The virtual machine was created using VirtualBox version 5.2.6.

The VM should be logged on with the user name ivyuser and password ivy.

Most of the evaluation of the artifact is done from the terminal, which can be started by clicking on the terminal icon in the launcher (top left of the screen). To read (and modify) source files, any text editor can be used. The VM comes equipped with an Emacs mode for Ivy code (Emacs can be launched from the terminal or the launcher).

The rest of this file explains the artifact and how to exercise it.

Directory structure

~/z3/ contains a clone of Z3 from its master branch on github.

~/ivy/ contains a clone of Ivy from its master branch on github.

~/pldi18-artifact/ contains the artifact

~/pldi18-artifact/examples/raft/ contains Ivy source files for the verified Raft protocol implementation.

~/pldi18-artifact/examples/multi-paxos/ contains Ivy source files for the verified Multi-Paxos protocol implementation.

~/pldi18-artifact/evaluation/ contains unverified C++ and Python code that uses one of the verified protocols to create a distributed fault tolerant key-value store, as well as a client that exercises the server code. This directory also contains various scripts used for performance evaluation and explained later.

~/pldi18-artifact/ec2/ contains scripts that enable performance evaluation of the key-value store on Amazon AWS.

Verifying protocols with Ivy

Raft

Ivy files contain both code and proofs (e.g., pre and post conditions,inductive invariants), and are checked with the ivy_check command, which internally uses Z3 to discharge verification conditions. The Raft protocol implementation (and proof) are contained in the raft.ivy file. It can be verified with ith ivy_check by running the following commands in a terminal:

ivyuser@ivy-vm:~$ cd ~/pldi18-artifact/examples/raft/
ivyuser@ivy-vm:~/pldi18-artifact/examples/raft$ time ivy_check raft.ivy # should take several minutes

You should expect this to take a few minutes (2-3 on my laptop). It will also print messages detailing the various verification conditions being checked (the verification is split into several isolates, which correspond to modules from the paper, and each isolate results in multiple verification conditions). Once ivy_check terminates and prints OK, you know that the file is verified.

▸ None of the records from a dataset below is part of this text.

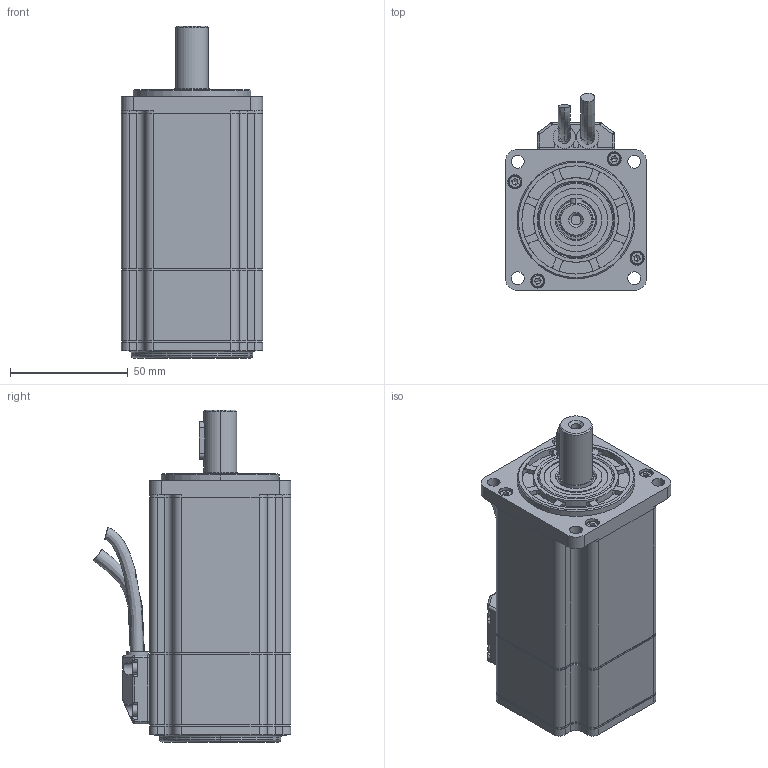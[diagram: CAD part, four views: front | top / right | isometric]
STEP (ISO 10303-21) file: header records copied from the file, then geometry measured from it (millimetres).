
FILE_DESCRIPTION (( 'STEP AP203' ), '1' );
FILE_NAME ('SMH60-203026ENL.STEP', '2011-08-31T03:09:10', ( '微软用户' ), ( '微软中国' ), 'SwSTEP 2.0', 'SolidWorks 2008', '' );
FILE_SCHEMA (( 'CONFIG_CONTROL_DESIGN' ));
Length unit declared in the file: millimetre
Products named in the file (1): SMH60-203026ENL
Bounding box: 60 x 84.01 x 141.1 mm (x, y, z)
Surface area: 42007.5 mm2 (no closed solid volume)
Topology: 0 solids, 29 shells, 567 faces, 1661 edges, 1105 vertices
Faces by surface type: plane 264, cylinder 231, cone 38, torus 20, sphere 10, bspline 4
Entity records: 19104 total; most frequent: CARTESIAN_POINT 3796, DIRECTION 3394, ORIENTED_EDGE 2877, EDGE_CURVE 1639, AXIS2_PLACEMENT_3D 1223, VERTEX_POINT 1105, LINE 948, VECTOR 948
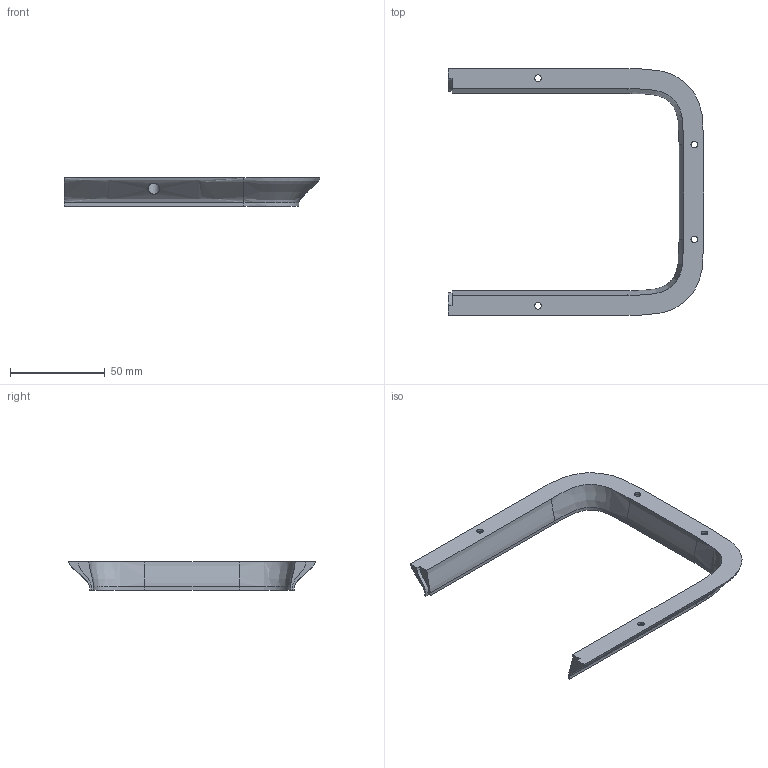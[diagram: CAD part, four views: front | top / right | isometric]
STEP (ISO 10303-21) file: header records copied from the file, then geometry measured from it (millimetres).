
FILE_DESCRIPTION(/* description */ (''),/* implementation_level */ '2;1');
FILE_NAME(/* name */ 'FRONT BASE.step',/* time_stamp */ '2024-02-28T16:51:08Z',/* author */ (''),/* organization */ (''),/* preprocessor_version */ 'ST-DEVELOPER v20',/* originating_system */ 'Autodesk Translation Framework v12.20.1.177',/* authorisation */ '');
FILE_SCHEMA (('AUTOMOTIVE_DESIGN { 1 0 10303 214 3 1 1 }'));
Length unit declared in the file: millimetre
Products named in the file (1): FRONT BASE
Bounding box: 134.8 x 130 x 15 mm (x, y, z)
Volume: 28969.2 mm3; surface area: 16796.2 mm2
Topology: 1 solids, 1 shells, 48 faces, 122 edges, 74 vertices
Faces by surface type: bspline 22, plane 14, cylinder 8, cone 4
Full cylindrical faces by diameter (mm): 3.5 x4, 6 x4
Entity records: 3104 total; most frequent: CARTESIAN_POINT 2055, ORIENTED_EDGE 244, DIRECTION 150, EDGE_CURVE 122, VERTEX_POINT 74, LINE 60, VECTOR 60, EDGE_LOOP 54
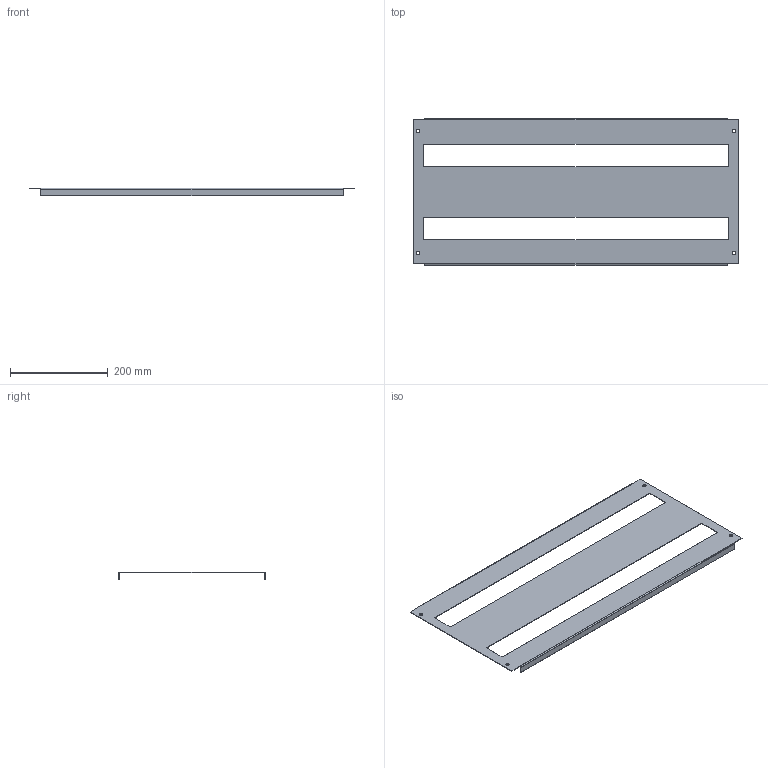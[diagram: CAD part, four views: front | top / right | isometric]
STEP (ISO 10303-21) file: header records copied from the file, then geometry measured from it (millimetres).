
FILE_DESCRIPTION (( 'STEP AP203' ), '1' );
FILE_NAME ('MB 30.70 P Ïàíåëü ìîäóëüíàÿ.STEP', '2012-11-21T07:13:43', ( 'system' ), ( '' ), 'SwSTEP 2.0', 'SolidWorks 2012', '' );
FILE_SCHEMA (( 'CONFIG_CONTROL_DESIGN' ));
Length unit declared in the file: millimetre
Products named in the file (1): MB 30.70 P Ïàíåëü ìîäóëüíàÿ
Bounding box: 665 x 299 x 15 mm (x, y, z)
Volume: 188726.7 mm3; surface area: 320237.3 mm2
Topology: 1 solids, 1 shells, 42 faces, 104 edges, 64 vertices
Faces by surface type: plane 30, cylinder 12
Entity records: 1325 total; most frequent: DIRECTION 214, CARTESIAN_POINT 211, ORIENTED_EDGE 208, EDGE_CURVE 104, VECTOR 80, LINE 80, AXIS2_PLACEMENT_3D 67, VERTEX_POINT 64

You may wish to edit raft.ivy, for example by commenting out one of the conjectures that make up the inductive invariant, and see that ivy_check fails. If you run ivy_check diagnose=true raft.ivy, you can also obtain a graphical interface that allows you to examine a counterexample to induction (note that this interface is not part of the contribution of the PLDI 2018 paper).

Multi-Paxos

The source code of the Multi-Paxos verified protocol is split into two files: multi_paxos_protocol.ivy contains the abstract protocol, and multi_paxos_system.ivy contains the concrete implementation (and uses the abstract protocol as ghost code for the correctness proof). To check the Multi-Paxos implementation with ivy_check, run the following commands in a terminal (this also checks the abstract protocol, which is used by the implementation):

ivyuser@ivy-vm:~$ cd ~/pldi18-artifact/examples/multi-paxos/
ivyuser@ivy-vm:~/pldi18-artifact/examples/multi-paxos$ time ivy_check multi_paxos_system.ivy # should take several minutes
...

As before, the above commands will print details about the verification conditions being checked. ivy_check should take a few minutes (7 on my laptop). As before, once ivy_check prints OK you know that the protocol is verified. You can also edit the Ivy files to break the verification, and run ivy_check to see it report the errors, or run ivy_check diagnose=true to graphically examine counterexamples to induction.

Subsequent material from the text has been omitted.